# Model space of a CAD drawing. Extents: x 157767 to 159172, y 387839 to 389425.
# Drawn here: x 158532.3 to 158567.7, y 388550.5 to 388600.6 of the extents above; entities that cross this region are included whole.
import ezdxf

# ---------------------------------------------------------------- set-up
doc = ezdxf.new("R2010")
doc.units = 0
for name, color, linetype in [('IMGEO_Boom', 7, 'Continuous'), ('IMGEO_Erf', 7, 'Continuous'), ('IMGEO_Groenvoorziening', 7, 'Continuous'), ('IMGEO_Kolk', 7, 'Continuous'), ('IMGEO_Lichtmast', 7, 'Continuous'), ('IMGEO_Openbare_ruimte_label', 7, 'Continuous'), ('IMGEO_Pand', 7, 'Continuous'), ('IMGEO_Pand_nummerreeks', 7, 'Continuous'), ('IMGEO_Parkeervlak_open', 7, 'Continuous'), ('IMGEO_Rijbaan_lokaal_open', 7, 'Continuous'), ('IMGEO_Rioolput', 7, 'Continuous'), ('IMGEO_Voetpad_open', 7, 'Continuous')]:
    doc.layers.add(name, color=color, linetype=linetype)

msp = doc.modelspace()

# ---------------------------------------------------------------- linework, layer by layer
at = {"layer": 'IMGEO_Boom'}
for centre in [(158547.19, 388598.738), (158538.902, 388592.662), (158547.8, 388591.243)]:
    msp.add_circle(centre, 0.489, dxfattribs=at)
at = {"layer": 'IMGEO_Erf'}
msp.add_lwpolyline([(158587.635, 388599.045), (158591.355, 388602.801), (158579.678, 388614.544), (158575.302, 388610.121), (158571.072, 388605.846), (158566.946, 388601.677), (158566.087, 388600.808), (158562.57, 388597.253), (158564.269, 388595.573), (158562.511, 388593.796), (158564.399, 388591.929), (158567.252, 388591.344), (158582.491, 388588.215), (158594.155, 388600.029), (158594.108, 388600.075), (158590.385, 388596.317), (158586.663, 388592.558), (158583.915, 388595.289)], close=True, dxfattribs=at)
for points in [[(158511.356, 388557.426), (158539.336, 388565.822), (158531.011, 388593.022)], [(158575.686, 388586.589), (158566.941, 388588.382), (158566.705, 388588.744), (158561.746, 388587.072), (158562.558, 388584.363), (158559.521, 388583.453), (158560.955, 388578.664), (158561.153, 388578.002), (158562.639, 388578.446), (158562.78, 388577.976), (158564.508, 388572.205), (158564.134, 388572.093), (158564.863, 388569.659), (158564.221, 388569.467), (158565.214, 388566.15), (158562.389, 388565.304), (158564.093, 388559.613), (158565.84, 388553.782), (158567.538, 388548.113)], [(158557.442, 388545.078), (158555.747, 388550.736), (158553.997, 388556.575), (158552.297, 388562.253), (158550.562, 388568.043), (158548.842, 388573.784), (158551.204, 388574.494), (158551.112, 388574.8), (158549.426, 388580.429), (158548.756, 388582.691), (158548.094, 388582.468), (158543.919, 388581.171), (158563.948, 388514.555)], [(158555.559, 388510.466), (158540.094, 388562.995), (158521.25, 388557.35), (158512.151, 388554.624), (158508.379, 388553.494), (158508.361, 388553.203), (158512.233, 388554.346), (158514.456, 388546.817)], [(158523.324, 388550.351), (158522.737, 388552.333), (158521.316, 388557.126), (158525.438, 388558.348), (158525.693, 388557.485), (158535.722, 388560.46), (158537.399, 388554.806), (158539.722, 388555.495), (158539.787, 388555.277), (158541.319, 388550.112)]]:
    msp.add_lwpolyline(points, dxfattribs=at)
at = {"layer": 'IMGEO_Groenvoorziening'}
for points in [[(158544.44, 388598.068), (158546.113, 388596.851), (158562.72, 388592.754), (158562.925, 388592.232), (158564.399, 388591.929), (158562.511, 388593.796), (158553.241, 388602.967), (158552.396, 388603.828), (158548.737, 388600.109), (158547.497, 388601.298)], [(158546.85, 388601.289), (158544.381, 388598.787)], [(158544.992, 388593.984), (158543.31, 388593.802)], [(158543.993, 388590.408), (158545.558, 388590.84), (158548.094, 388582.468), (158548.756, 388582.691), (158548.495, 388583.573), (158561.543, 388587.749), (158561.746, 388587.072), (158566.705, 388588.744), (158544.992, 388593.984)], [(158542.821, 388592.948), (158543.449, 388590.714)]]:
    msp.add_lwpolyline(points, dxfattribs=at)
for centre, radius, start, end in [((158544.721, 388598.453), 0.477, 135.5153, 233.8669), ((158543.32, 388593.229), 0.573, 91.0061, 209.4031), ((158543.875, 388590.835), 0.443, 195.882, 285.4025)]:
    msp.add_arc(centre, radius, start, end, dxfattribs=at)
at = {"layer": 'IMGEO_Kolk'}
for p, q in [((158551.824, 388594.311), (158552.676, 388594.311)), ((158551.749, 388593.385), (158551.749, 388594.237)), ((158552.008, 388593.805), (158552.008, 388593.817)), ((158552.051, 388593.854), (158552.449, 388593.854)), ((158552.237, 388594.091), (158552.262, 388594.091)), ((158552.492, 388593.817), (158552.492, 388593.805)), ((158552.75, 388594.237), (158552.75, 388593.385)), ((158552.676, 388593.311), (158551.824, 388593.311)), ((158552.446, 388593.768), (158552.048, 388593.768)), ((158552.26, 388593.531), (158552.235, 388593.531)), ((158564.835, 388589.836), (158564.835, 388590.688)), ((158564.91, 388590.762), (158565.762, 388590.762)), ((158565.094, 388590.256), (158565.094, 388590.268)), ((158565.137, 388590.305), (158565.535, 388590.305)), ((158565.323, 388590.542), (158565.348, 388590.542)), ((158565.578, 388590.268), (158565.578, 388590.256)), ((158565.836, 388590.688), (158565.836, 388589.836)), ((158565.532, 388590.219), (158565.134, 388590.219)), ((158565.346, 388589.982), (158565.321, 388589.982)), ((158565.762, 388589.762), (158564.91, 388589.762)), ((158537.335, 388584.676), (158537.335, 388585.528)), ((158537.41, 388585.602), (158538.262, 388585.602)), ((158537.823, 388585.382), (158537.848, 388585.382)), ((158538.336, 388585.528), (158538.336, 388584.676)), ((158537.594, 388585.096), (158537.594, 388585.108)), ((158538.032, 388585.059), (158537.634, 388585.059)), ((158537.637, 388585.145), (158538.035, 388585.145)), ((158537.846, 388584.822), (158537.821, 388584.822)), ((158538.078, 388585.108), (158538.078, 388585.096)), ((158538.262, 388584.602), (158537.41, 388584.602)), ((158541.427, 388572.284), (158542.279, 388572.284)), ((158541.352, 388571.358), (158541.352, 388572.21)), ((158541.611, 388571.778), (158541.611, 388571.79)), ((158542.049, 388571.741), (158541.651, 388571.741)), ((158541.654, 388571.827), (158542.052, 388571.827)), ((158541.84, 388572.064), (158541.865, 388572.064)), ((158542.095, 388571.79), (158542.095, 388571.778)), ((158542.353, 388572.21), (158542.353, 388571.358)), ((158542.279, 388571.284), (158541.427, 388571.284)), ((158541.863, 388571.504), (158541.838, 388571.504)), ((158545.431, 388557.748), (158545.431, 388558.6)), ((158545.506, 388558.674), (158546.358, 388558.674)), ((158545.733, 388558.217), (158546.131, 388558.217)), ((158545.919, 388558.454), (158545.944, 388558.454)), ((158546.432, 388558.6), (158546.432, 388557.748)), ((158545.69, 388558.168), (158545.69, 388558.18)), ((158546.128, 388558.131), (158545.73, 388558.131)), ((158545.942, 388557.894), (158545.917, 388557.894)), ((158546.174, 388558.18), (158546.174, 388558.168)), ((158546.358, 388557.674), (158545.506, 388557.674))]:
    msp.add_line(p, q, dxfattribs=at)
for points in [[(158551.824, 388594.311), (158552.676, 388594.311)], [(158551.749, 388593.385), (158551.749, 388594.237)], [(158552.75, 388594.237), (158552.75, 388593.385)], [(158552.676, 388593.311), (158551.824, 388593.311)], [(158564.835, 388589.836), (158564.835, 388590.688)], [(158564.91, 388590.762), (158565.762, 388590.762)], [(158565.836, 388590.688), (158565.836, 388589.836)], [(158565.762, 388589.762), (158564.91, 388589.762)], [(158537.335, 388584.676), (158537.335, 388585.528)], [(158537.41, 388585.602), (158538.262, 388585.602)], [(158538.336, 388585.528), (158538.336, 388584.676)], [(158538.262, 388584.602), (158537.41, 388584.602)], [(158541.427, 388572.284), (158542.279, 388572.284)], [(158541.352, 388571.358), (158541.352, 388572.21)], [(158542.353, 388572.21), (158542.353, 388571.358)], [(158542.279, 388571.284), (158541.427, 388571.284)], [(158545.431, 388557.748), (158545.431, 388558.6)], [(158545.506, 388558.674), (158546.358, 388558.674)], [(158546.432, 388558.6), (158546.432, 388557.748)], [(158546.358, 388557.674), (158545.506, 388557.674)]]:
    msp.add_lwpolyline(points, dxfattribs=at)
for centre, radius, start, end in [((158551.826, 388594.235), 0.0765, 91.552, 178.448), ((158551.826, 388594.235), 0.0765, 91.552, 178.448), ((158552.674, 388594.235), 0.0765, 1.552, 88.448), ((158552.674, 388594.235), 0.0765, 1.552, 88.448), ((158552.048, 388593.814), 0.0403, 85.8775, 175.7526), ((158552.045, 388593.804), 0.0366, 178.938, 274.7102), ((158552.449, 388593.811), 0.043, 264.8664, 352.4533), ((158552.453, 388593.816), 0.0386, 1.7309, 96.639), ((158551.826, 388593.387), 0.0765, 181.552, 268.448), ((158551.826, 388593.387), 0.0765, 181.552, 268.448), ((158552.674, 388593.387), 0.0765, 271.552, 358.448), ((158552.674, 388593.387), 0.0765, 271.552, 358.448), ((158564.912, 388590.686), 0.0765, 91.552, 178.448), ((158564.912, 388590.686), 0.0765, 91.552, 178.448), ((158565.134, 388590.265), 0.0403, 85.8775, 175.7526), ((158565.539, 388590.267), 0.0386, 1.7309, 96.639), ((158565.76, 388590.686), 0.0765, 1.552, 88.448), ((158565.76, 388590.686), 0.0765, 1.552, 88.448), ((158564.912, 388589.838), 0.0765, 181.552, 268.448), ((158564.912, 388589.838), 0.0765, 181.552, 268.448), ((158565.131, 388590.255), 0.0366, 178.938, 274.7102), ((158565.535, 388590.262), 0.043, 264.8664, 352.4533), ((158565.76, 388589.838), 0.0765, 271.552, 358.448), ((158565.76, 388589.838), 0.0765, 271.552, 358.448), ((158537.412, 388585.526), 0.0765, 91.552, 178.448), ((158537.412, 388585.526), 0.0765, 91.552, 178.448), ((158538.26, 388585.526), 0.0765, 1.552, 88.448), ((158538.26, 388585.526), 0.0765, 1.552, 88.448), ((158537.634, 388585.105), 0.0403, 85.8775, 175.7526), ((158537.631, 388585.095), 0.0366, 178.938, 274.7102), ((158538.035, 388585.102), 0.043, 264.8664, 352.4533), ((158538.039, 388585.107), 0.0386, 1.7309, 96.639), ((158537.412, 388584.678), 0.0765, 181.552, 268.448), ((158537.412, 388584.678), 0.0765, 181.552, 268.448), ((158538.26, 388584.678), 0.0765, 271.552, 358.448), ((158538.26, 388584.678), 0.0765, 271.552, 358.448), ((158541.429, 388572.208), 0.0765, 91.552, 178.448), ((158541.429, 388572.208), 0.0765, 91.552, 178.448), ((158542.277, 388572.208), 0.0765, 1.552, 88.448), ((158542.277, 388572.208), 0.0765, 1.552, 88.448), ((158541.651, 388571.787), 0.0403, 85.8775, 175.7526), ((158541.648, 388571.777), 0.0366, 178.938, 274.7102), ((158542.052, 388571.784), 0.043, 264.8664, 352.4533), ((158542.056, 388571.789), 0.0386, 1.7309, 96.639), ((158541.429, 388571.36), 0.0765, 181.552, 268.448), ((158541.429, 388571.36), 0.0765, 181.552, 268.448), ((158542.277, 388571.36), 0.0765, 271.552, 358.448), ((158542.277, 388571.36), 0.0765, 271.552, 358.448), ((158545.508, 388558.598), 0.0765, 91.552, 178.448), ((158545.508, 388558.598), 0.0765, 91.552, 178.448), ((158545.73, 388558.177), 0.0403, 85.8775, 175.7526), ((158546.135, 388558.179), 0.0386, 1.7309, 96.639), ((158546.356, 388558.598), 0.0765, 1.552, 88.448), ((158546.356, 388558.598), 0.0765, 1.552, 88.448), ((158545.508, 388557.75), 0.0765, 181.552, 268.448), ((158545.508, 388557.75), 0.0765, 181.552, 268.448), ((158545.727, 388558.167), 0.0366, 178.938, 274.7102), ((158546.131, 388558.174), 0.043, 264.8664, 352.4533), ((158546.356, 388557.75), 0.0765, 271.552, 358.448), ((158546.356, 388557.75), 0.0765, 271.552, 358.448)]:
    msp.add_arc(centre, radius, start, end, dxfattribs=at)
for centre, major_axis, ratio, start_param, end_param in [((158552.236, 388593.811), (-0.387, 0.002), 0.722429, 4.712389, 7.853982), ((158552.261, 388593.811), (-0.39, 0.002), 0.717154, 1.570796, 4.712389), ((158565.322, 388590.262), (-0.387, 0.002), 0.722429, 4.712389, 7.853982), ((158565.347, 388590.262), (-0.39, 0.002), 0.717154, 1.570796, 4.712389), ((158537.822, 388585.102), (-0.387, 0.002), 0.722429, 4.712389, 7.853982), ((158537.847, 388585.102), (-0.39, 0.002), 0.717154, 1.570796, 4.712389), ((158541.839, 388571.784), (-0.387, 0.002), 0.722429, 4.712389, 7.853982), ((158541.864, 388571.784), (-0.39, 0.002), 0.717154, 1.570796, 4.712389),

========

=== Exercise prompt ===
Of all the lines in the data, count those that contain "linetype" and give that figure with nothing else.

=== Response to the task ===
2